Re: numerical solution of differential equations
 

The key to efficiently numerically solving this sort of differential equation is to understand the size/scale of the various derivatives. If the second derivative is consistently small, a linear (simple Euler) integration can provide a decent prediction at a reasonably large range step. As the second derivative increases, the range step must be reduced and/or the second derivative must be included in the calculation for each range step; midpoint is one way to do this. If the third derivative is large, you need to make the steps even smaller!

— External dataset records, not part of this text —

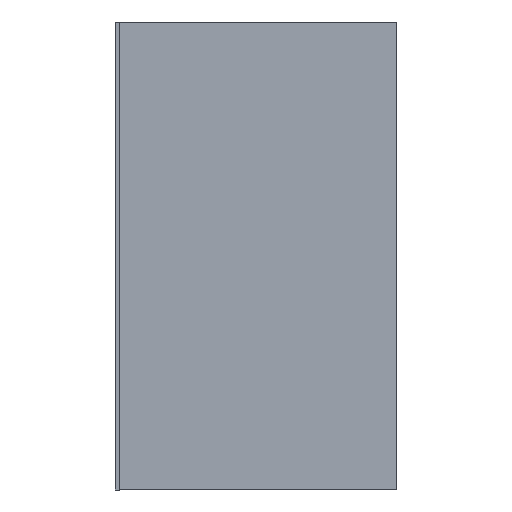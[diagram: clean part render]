
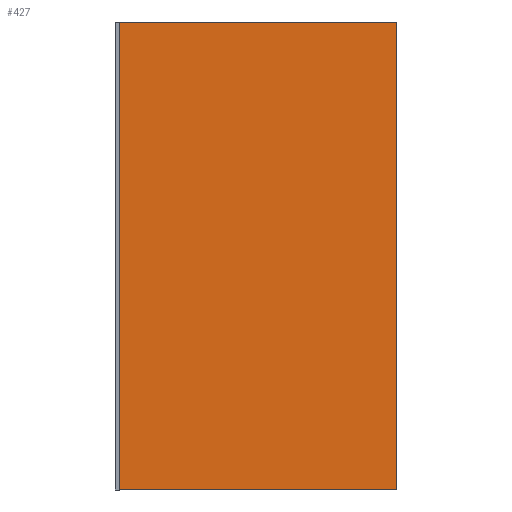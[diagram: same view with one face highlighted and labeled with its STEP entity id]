
A CAD part, front view. The second image highlights one B-rep face of the part: STEP entity #427.
In plain terms, the highlighted planar face has unit normal (0, -1, 0) as drawn and (0, 1, 0) by its records, which use the part's own axes.
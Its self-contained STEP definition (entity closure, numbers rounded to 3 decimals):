
#52=FACE_OUTER_BOUND($,#75,.T.);
#75=EDGE_LOOP($,(#300,#301,#302,#303));
#111=LINE($,#628,#159);
#112=LINE($,#631,#160);
#113=LINE($,#633,#161);
#114=LINE($,#634,#162);
#159=VECTOR($,#502,1500.);
#160=VECTOR($,#505,900.);
#161=VECTOR($,#506,900.);
#162=VECTOR($,#507,1500.);
#204=VERTEX_POINT($,#621);
#207=VERTEX_POINT($,#626);
#208=VERTEX_POINT($,#630);
#209=VERTEX_POINT($,#632);
#245=EDGE_CURVE($,#204,#207,#111,.T.);
#246=EDGE_CURVE($,#208,#204,#112,.T.);
#247=EDGE_CURVE($,#209,#207,#113,.T.);
#248=EDGE_CURVE($,#208,#209,#114,.T.);
#300=ORIENTED_EDGE($,*,*,#246,.T.);
#301=ORIENTED_EDGE($,*,*,#245,.T.);
#302=ORIENTED_EDGE($,*,*,#247,.F.);
#303=ORIENTED_EDGE($,*,*,#248,.F.);
#405=PLANE($,#459);
#427=ADVANCED_FACE($,(#52),#405,.T.);
#459=AXIS2_PLACEMENT_3D($,#629,#503,#504);
#502=DIRECTION($,(0.,0.,1.));
#503=DIRECTION('center_axis',(0.,1.,0.));
#504=DIRECTION('ref_axis',(-1.,0.,0.));
#505=DIRECTION($,(-1.,0.,0.));
#506=DIRECTION($,(-1.,0.,0.));
#507=DIRECTION($,(0.,0.,1.));
#621=CARTESIAN_POINT('',(0.,6.,0.));
#626=CARTESIAN_POINT('',(0.,6.,1500.));
#628=CARTESIAN_POINT($,(0.,6.,0.));
#629=CARTESIAN_POINT('Origin',(900.,6.,0.));
#630=CARTESIAN_POINT('',(900.,6.,0.));
#631=CARTESIAN_POINT($,(900.,6.,0.));
#632=CARTESIAN_POINT('',(900.,6.,1500.));
#633=CARTESIAN_POINT($,(900.,6.,1500.));
#634=CARTESIAN_POINT($,(900.,6.,0.));

Fortunately, the importance of the nth derivative is scaled by 1/n!, that is, the reciprocal of n factorial (google Taylor Expansion if you aren't familiar with it).

If you want an extreme case to work with that has a simple analytic solution, try this one:

x''(t) = 2x + 2x³
Initial conditions: x(0) = 0, x'(0) = 1.

The analytic solution is simply:

x=tan t
x'=sec²t
x''=2 tant sec²t = 2tant + 2tan³t= 2x + 2x³

Using a fixed step size in t, and a finite number of terms in the Taylor expansion with Euler-like integration, the numeric solution will never reach infinity, whereas the analytic solution reaches infinity at pi/2. Try to find solutions and step sizes which suitably predict pi/2, based on x being greater than, say, 10¹⁰⁰.

Re: numerical solution of differential equations
 

It's not clear what the point of that spreadsheet is. You are using the analytical solution for x' to compute an Euler step.

You weren't intending to compare that result to the Midpoint method, were you?